▶ _What is needed_
Locate the line that contains "#224 = CARTESIAN_POINT", then copy it and all later lines of the data below exactly, through the last one.
====== Data supplied
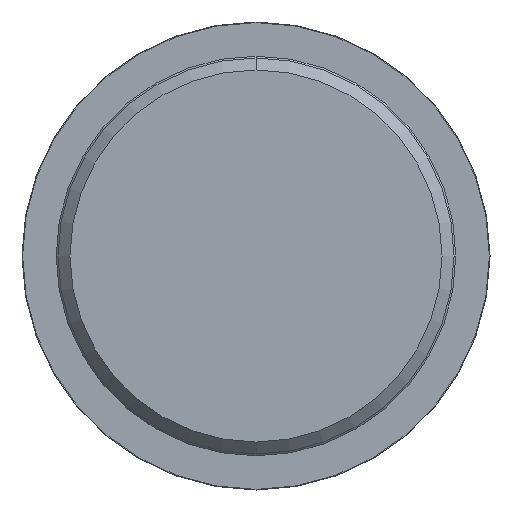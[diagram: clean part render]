
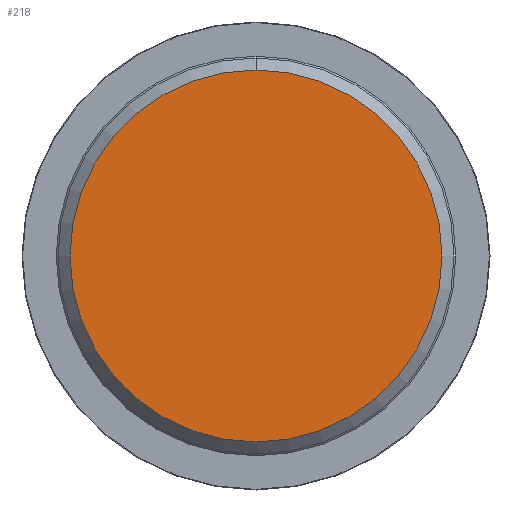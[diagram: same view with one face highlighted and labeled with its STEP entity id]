
A CAD part, front view. The second image highlights one B-rep face of the part: STEP entity #218.
In plain terms, the highlighted planar face has unit normal (0, -1, 0).
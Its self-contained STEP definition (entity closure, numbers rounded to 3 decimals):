
#45 = DIRECTION ( 'NONE',  ( 0., 1., 0. ) ) ;
#59 = EDGE_CURVE ( 'NONE', #818, #821, #549, .T. ) ;
#64 = DIRECTION ( 'NONE',  ( 0., 1., 0. ) ) ;
#117 = CARTESIAN_POINT ( 'NONE',  ( 0., 0., 0. ) ) ;
#183 = AXIS2_PLACEMENT_3D ( 'NONE', #117, #45, #784 ) ;
#218 = ADVANCED_FACE ( 'NONE', ( #962 ), #287, .F. ) ;
#224 = CARTESIAN_POINT ( 'NONE',  ( 0., 0., 15.5 ) ) ;
#285 = CARTESIAN_POINT ( 'NONE',  ( 0., 0., 0. ) ) ;
#287 = PLANE ( 'NONE',  #476 ) ;
#448 = ORIENTED_EDGE ( 'NONE', *, *, #718, .F. ) ;
#476 = AXIS2_PLACEMENT_3D ( 'NONE', #590, #64, #579 ) ;
#478 = ORIENTED_EDGE ( 'NONE', *, *, #59, .F. ) ;
#526 = CARTESIAN_POINT ( 'NONE',  ( 0., 0., -15.5 ) ) ;
#549 = CIRCLE ( 'NONE', #183, 15.5 ) ;
#567 = EDGE_LOOP ( 'NONE', ( #478, #448 ) ) ;
#579 = DIRECTION ( 'NONE',  ( 0., 0., 1. ) ) ;
#590 = CARTESIAN_POINT ( 'NONE',  ( 15.5, 0., 0. ) ) ;
#598 = DIRECTION ( 'NONE',  ( 0., 0., 1. ) ) ;
#630 = AXIS2_PLACEMENT_3D ( 'NONE', #285, #812, #598 ) ;
#718 = EDGE_CURVE ( 'NONE', #821, #818, #801, .T. ) ;
#784 = DIRECTION ( 'NONE',  ( 0., 0., 1. ) ) ;
#801 = CIRCLE ( 'NONE', #630, 15.5 ) ;
#812 = DIRECTION ( 'NONE',  ( 0., 1., 0. ) ) ;
#818 = VERTEX_POINT ( 'NONE', #224 ) ;
#821 = VERTEX_POINT ( 'NONE', #526 ) ;
#962 = FACE_OUTER_BOUND ( 'NONE', #567, .T. ) ;
============
▶ _Answer box_
#224 = CARTESIAN_POINT ( 'NONE',  ( 0., 0., 15.5 ) ) ;
#285 = CARTESIAN_POINT ( 'NONE',  ( 0., 0., 0. ) ) ;
#287 = PLANE ( 'NONE',  #476 ) ;
#448 = ORIENTED_EDGE ( 'NONE', *, *, #718, .F. ) ;
#476 = AXIS2_PLACEMENT_3D ( 'NONE', #590, #64, #579 ) ;
#478 = ORIENTED_EDGE ( 'NONE', *, *, #59, .F. ) ;
#526 = CARTESIAN_POINT ( 'NONE',  ( 0., 0., -15.5 ) ) ;
#549 = CIRCLE ( 'NONE', #183, 15.5 ) ;
#567 = EDGE_LOOP ( 'NONE', ( #478, #448 ) ) ;
#579 = DIRECTION ( 'NONE',  ( 0., 0., 1. ) ) ;
#590 = CARTESIAN_POINT ( 'NONE',  ( 15.5, 0., 0. ) ) ;
#598 = DIRECTION ( 'NONE',  ( 0., 0., 1. ) ) ;
#630 = AXIS2_PLACEMENT_3D ( 'NONE', #285, #812, #598 ) ;
#718 = EDGE_CURVE ( 'NONE', #821, #818, #801, .T. ) ;
#784 = DIRECTION ( 'NONE',  ( 0., 0., 1. ) ) ;
#801 = CIRCLE ( 'NONE', #630, 15.5 ) ;
#812 = DIRECTION ( 'NONE',  ( 0., 1., 0. ) ) ;
#818 = VERTEX_POINT ( 'NONE', #224 ) ;
#821 = VERTEX_POINT ( 'NONE', #526 ) ;
#962 = FACE_OUTER_BOUND ( 'NONE', #567, .T. ) ;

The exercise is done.